The biggest worries for a teen back then were not having friends, wasting of valuable time going to school, having pimples and finding a steady girlfriend. Then maybe going steady, just maybe, it would reveal what the big mystery of sex was about!

One summer I managed to sneak “Lady Chatterley’s Lover” from my uncle, a book that had been banned from the public until recently. To impress my friends, I wanted to share the ‘good’ parts of the novel. However, being Catholic boys, they weren’t allowed to read it. The priest had proclaimed it a mortal sin to do so. I asked, “Did the priest say anything about listening?”  When they said no, I said, “I will read to you then”. They were as passionately shocked as I had been the first time I read of such unheard things that Lady Chatterley performed!

I dreaded as many others, leaving elementary school for high school in Pembroke. If it wasn’t tests and exams to worry about, it was the city boys who acted day in and day out like they were superior to us country hicks. After a year or so this distinction ebbed, especially when those country boys began dating the city girls.

THEN I GREW UP – now having to worry about real war instead of cold war. But it was the threat of terrorism, if not nuclear annihilation itself that was always was there, present in one corner of your brain.

It was also very expensive and too inconvenient at times to be married with kids like many were, forfeiting every weekend to take them to hockey or soccer, almost wishing at times for them to be old enough to leave the nest, permitting enough slack to do what you wanted.

There was striking high-fidelity music, I-phones that took pictures and the possibility of travelling to the moon in the not too distant future. There was protests for and against everything you could think of. Even the threat from global warming was concerning if you were to survive long enough to experience its catastrophic effects.

Political awareness induced skepticism and political correctness made words to speak have repercussions unless cautiously thought about.
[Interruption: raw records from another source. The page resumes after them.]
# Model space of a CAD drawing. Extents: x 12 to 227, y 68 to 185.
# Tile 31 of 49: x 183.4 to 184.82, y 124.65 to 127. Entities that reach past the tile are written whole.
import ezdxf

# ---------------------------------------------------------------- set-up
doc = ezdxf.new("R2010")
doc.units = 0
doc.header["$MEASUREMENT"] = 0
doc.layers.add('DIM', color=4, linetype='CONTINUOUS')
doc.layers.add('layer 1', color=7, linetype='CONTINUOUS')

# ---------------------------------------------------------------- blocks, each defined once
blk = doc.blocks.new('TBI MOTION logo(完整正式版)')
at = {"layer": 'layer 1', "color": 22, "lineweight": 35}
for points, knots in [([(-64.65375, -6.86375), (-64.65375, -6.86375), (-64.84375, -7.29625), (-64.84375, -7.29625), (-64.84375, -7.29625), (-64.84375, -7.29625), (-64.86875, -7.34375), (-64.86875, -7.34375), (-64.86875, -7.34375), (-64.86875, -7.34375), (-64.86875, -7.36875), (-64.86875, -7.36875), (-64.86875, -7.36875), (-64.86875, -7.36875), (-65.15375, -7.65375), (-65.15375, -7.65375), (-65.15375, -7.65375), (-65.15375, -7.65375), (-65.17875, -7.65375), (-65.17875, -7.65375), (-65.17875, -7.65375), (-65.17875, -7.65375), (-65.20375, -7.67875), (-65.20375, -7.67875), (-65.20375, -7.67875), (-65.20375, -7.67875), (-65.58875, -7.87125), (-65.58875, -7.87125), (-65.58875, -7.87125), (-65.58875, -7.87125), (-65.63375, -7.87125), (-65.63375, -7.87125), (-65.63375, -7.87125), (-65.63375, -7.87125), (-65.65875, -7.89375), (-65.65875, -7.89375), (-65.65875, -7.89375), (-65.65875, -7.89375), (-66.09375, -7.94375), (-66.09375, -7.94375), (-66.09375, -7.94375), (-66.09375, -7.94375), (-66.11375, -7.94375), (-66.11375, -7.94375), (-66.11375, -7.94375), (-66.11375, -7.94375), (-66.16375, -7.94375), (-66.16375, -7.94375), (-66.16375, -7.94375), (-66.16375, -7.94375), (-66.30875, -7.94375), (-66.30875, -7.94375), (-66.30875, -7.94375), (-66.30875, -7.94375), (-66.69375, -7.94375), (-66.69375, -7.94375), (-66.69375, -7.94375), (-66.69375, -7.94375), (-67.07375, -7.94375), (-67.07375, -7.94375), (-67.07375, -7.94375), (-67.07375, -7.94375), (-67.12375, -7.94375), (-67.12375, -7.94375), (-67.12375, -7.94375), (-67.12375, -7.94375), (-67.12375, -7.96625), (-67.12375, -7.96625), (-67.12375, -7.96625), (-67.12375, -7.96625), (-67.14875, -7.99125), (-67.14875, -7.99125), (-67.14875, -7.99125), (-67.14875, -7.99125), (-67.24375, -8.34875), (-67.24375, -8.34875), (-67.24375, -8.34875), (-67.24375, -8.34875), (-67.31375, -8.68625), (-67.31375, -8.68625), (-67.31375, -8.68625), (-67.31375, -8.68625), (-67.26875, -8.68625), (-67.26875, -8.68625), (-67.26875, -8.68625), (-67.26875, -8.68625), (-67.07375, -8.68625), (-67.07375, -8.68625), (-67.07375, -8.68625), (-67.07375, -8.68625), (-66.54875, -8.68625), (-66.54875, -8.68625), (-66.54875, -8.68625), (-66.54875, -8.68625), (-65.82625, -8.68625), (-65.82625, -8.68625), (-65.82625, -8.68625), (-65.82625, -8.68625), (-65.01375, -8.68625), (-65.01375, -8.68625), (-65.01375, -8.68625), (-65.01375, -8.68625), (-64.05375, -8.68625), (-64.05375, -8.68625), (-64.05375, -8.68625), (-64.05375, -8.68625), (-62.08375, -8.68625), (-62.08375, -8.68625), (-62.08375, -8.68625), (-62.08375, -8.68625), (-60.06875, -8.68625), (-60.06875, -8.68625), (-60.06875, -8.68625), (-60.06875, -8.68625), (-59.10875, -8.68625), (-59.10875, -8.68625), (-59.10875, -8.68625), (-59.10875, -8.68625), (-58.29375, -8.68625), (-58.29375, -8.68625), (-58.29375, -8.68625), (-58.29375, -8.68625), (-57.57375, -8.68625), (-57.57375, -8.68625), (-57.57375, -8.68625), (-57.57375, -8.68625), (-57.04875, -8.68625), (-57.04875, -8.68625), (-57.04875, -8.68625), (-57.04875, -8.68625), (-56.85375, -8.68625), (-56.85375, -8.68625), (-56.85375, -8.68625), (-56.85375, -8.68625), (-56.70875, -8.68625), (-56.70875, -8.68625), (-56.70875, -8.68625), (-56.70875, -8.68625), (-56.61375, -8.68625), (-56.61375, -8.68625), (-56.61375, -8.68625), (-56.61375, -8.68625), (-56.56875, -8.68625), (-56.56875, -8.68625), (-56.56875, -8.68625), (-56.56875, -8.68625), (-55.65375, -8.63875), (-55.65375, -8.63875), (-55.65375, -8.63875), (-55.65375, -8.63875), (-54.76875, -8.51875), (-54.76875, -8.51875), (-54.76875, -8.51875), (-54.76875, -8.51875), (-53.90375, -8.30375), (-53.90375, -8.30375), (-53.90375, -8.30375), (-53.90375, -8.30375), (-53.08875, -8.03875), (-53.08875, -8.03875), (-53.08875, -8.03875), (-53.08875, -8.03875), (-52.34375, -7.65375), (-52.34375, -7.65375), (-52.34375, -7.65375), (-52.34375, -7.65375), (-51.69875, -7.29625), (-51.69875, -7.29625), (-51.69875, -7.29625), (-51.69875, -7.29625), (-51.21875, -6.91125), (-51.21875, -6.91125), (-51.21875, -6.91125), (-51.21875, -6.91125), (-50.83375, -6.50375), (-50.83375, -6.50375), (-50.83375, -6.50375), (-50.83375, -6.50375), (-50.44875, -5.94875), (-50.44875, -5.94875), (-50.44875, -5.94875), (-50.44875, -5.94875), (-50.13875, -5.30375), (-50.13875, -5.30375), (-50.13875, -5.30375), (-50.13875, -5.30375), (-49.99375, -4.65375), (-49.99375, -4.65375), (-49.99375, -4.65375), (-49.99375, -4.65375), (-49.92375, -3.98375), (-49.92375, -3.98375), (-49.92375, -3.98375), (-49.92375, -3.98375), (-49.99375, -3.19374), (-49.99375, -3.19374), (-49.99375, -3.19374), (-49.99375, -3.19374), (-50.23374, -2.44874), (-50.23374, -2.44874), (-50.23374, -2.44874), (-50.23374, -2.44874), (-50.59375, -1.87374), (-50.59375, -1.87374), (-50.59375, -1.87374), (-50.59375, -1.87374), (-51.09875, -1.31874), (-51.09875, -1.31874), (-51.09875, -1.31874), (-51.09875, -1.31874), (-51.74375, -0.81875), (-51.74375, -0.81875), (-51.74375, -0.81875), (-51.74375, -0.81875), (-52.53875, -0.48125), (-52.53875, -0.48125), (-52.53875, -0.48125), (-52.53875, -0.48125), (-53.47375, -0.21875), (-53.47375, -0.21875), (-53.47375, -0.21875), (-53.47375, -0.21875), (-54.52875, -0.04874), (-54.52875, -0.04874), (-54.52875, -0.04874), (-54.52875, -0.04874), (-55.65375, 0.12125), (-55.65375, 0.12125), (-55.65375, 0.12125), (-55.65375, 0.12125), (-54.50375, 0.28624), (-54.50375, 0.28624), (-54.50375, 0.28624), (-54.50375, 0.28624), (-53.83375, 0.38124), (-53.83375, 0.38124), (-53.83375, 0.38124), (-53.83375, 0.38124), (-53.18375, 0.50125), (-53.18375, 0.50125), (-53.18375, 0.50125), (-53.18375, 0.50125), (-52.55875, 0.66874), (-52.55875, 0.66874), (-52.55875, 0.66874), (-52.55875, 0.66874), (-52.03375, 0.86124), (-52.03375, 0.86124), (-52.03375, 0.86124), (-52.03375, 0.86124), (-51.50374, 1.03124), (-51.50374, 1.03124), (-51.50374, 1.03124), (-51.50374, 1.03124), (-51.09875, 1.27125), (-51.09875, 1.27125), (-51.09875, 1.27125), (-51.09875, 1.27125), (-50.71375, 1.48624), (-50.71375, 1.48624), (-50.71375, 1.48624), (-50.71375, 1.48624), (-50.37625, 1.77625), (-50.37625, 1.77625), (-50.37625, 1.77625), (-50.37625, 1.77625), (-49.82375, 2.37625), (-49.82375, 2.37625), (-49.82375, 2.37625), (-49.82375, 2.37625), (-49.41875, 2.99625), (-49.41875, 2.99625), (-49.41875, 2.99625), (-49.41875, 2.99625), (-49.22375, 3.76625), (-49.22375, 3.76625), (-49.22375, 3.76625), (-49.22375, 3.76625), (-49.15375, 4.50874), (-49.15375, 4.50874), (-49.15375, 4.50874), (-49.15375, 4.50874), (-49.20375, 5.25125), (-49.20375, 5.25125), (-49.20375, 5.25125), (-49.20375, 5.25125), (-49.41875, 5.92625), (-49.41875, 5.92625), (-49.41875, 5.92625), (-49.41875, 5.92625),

Honestly, I really want to give up the present with its designer clothes and designer drugs, credit cards and computer viruses. We have come so far and gained so little. I want to slip back to those great moments in the past; to go to a high school football game, to drive-in movies and to know innocence. I want to Brylcreem my hair and listen to rock n’ roll all day long.

Maybe I will partially! At the Riverdale Social Senior meeting last week, a musical bingo event is in the planning at the Hall and the music genre is ‘Golden Oldies’. I can’t wait!